Uterine pathology and microbiome among patients with endometrial polyps and fibroids

F S Sci. 2024 Dec 20:S2666-335X(24)00082-X. doi: 10.1016/j.xfss.2024.12.002. Online ahead of print.

Abstract

Objective: To evaluate the uterine microbiome among women with endometrial polyps and submucosal fibroids and to compare results between endometrial sampling techniques.

Design: Patients with polyps or fibroids were prospectively recruited prior to hysteroscopy, while patients undergoing retrieval for planned oocyte cryopreservation were recruited prospectively as controls. Three specimen types obtained for each patient were the distal 5 mm of an embryo catheter passed to the uterine fundus (C), endometrial tissue from an endometrial biopsy (T), and formalin fixed paraffin embedded endometrial tissue from the same endometrial biopsy (FFPE). 16S rRNAgene amplicon sequencing was performed to analyze the structure of the endometrial microbiome.

Subjects: Thirty-seven participants including 28 women with polyps and/or fibroids and 9 controls.
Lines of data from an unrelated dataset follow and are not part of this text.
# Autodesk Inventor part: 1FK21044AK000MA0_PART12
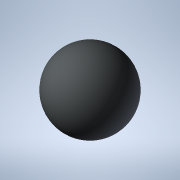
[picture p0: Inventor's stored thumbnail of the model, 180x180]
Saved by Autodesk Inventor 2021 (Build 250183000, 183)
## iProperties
Created: 2025-04
Part Number: 1FK21044AK000MA0_PART12
Material: Generic
Catalog Web Link: www.3dfindit.com
Description: -Servo synchronous motor
Document SubType Name: Modeling
Designer: psAdmin
Mass: 0.137258 g
Surface Area: 1.2868 cm^2
Volume: 0.137258 cm^3
Density: 1 g/cm^3
Appearance: PSOLRGB-212-217-219
Category: PARTsolutions
Title: 1FK21044AK000MA0_PART12
Author: Cadenas PARTsolutions
Comments: Servo synchronous motor
Sending System: PARTsolutions
Preprocessor: ST-DEVELOPER v19.3
PSOL_IDENT_0: {$CADENAS_DATA/23d-libs/siemens_ag/_cat_/87/f4/1fk21044ak000ma0.prj},216 {VTYP=3D},{NB=1FK21044AK000
PSOL_IDENT_1: MA0_PART12},{LINA=1FK21044AK000MA0_PART12},{NN=1FK21044AK000MA0_PART12},{NOPRJ=TRUE},{DATE=19.08.202
PSOL_IDENT_2: 5 14:00:48},{GEOMDATE=30.07.2025 02:00:50},{VERSION=},{LINEID=10},{WBVAR=},{WBNUMERIC=}  {NB=1FK2104
PSOL_IDENT_3: 4AK000MA0_PART12},{LINA=1FK21044AK000MA0_PART12},{KT=DUMMY},{PREVIEW=../../../_pool_/cb/72/p_d211_xx
PSOL_IDENT_4: _00434j.png},{DESCSHORT=SIMOTICS S-1FK2 HD, SINAMICS S210 3AC 400V-480V, 0.95 Nm, 6000 rpm},{DESCLON
PSOL_IDENT_5: G=SIMOTICS S-1FK2 HD servo motor M0=1.27 Nm; PN = 0.6 kW at nN=6000 rpm (380-480 V); PN = 0.4 kW at
PSOL_IDENT_6: nN=3000 rpm (200-240 V); degree of protection IP64; cylindrical shaft D19x40mm; absolute encoder 22-
PSOL_IDENT_7: bit + 12-bit multiturn (encoder AM22DQC); with OCC interface; plug size M17, rotatable; SIMOTICS S-1
PSOL_IDENT_8: FK2 servomotorfor a wide range of uses in industrial environments. SIMOTICS S‑1FK2 servomotors are c
PSOL_IDENT_9: ompact synchronous motors with a high dynamic performance that set themselves apart as a result of t
PSOL_IDENT_10: heir high power density, degree of protection and overload capability. The motors are available in t
PSOL_IDENT_11: wo variants: as High Dynamic variant (highest dynamic performance as a result of the low intrinsic m
PSOL_IDENT_12: oment of inertia for applications demanding a high dynamic performance with low moved masses) - and
PSOL_IDENT_13: as Compact variant (precise and stable closed-loop control for medium up to large moved masses as a
PSOL_IDENT_14: result of a medium intrinsic moment of inertia). SIMOTICSS‑1FK2 servomotors fully exploit their stre
PSOL_IDENT_15: ngths in a system with the SINAMICSS210 frequency converter and simple connection using the one cabl
PSOL_IDENT_16: e connection (OCC). Advantages include the short control and positioning times, fast and precise cor
PSOL_IDENT_17: rection of disturbing quantities as well as stable control with a high dynamic performance. The serv
PSOL_IDENT_18: o motors can be configured to address a wide range of requirements. For example with and without hol
PSOL_IDENT_19: ding brake, IP64 or IP65 degree of protection, singleturn or multiturn absolute encoders - to name j
PSOL_IDENT_20: ust a few. Further, the servomotors are available in different shaft heights extending from 20 to 10
PSOL_IDENT_21: 0. A shaft sealing ring is available to achieve an IP65 degree of protection and for subsequent moun
PSOL_IDENT_22: ting at the motor or as spare part. SIMOTICS - the optimum motor for each and every motion control a
PSOL_IDENT_23: pplication.},{INTNO=195125056312},{SUPPLIERALTNO=1FK2104-4AK00-0MA0},{MANUID=1FK21044AK000MA0},{MANU
PSOL_IDENT_24: NAME=Siemens},{MANUTYPEDESC=Synchronous motor 1FK2-HD 1,27 Nm},{AAU732=SIMOTICS},{AAO057=S-1FK2},{AA
PSOL_IDENT_25: U734=SIMOTICS S-1FK2 HD servo motor M0=1.27 Nm; PN = 0.6 kW at nN=6000 rpm (380-480 V); PN = 0.4 kW
PSOL_IDENT_26: at nN=3000 rpm (200-240 V); degree of protection IP64; cylindrical shaft D19x40mm; absolute encoder
PSOL_IDENT_27: 22-bit + 12-bit multiturn (encoder AM22DQC); with OCC interface; plug size M17, rotatable;},{AAW338=
PSOL_IDENT_28: Synchronous motor 1FK2-HD 1,27 Nm},{AAO742=SIMOTICS},{AAO663=4042948690994},{NOCUPEROU=1},{PRICEQUAN
PSOL_IDENT_29: TITY=1},{QUANTITYMIN=1},{QUANTITYINT=1},{CTN=85015100},{COO=DE},{AAO676=1FK2104-4AK00-0MA0},{AAO677=
PSOL_IDENT_30: Siemens AG},{ORDERUNIT=C62},{CONTENTUNIT=C62}
NB: 1FK21044AK000MA0_PART12
NT: Servo synchronous motor
NBSYN: $MANUID._PART12
LINA: 1FK21044AK000MA0_PART12
CATALOG: SIEMENS
PREVIEW: ../../../_pool_/cb/72/p_d211_xx_00434j.png
DESCSHORT: SIMOTICS S-1FK2 HD, SINAMICS S210 3AC 400V-480V, 0.95 Nm, 6000 rpm
DESCLONG: SIMOTICS S-1FK2 HD servo motor M0=1.27 Nm; PN = 0.6 kW at nN=6000 rpm (380-480 V); PN = 0.4 kW at nN=3000 rpm (200-240 V); degree of protection IP64; cylindrica
INTNO: 195125056312
SUPPLIERALTNO: 1FK2104-4AK00-0MA0
MANUID: 1FK21044AK000MA0
MANUNAME: Siemens
MANUTYPEDESC: Synchronous motor 1FK2-HD 1,27 Nm
AAU732: SIMOTICS
AAO057: S-1FK2
AAU734: SIMOTICS S-1FK2 HD servo motor M0=1.27 Nm; PN = 0.6 kW at nN=6000 rpm (380-480 V); PN = 0.4 kW at nN=3000 rpm (200-240 V); degree of protection IP64; cylindrica
AAW338: Synchronous motor 1FK2-HD 1,27 Nm
AAO742: SIMOTICS
AAO663: 4042948690994.0
NOCUPEROU: 1
PRICEQUANTITY: 1
QUANTITYMIN: 1
QUANTITYINT: 1
CTN: 85015100
COO: DE
ARTICLENO: 1FK21044AK000MA0_PART12
BOMINFO: 1FK21044AK000MA0_PART12
CREATOR: CADENAS GmbH
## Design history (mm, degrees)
feature "2025_04_17_15_37_40_0588"
body "Solid1"

Intervention/exposure: None MAIN OUTCOME MEASURE(S): Microbial taxonomic alpha and beta diversity; differential abundance of taxa RESULTS: Across all sample types, participants with polyps had higher microbial alpha diversity compared to controls (4.3 vs 5.1, q = 0.049), and microbial communities were significantly different (pairwise PERMANOVA pseudo-F = 2.1, q = 0.003). These differences were observed when examining C specimens alone (5.4 vs 6.4, q = 0.001; pairwise PERMANOVA pseudo-F = 2.5, q = 0.003), though did not reach significance when examining either T or FFPE specimens alone. Participants with fibroids had similar alpha diversity yet significant differences in beta diversity compared to controls in analyses combining all specimens (Pairwise PERMANOVA pseudo-F = 1.475, q = 0.030); however, these differences did not achieve significance when analyzing C, T, or FFPE specimens alone. When comparing C and T specimens vs. FFPE specimens overall, alpha diversity was significantly higher (q<0.001 and <0.001, respectively) and there were significant differences in beta diversity (q<0.003 and q<0.003, respectively). Analyses of C specimens generated a larger number of significantly differentially abundant taxa compared to other sampling methods. Although not statistically significant, relative abundance of putative pathogens was higher in participants with polyps compared to controls regardless of sampling technique.

Conclusion: Results of this exploratory study suggest significant microbial differences exist among patients with endometrial polyps vs. healthy controls. However, results varied by sampling technique, highlighting a need to identify optimal sampling methods prior to validating findings in larger prospective cohort studies.

Keywords: 16S rRNA gene amplicon sequencing; Endometrial microbiome; biopsy; fibroid; polyp.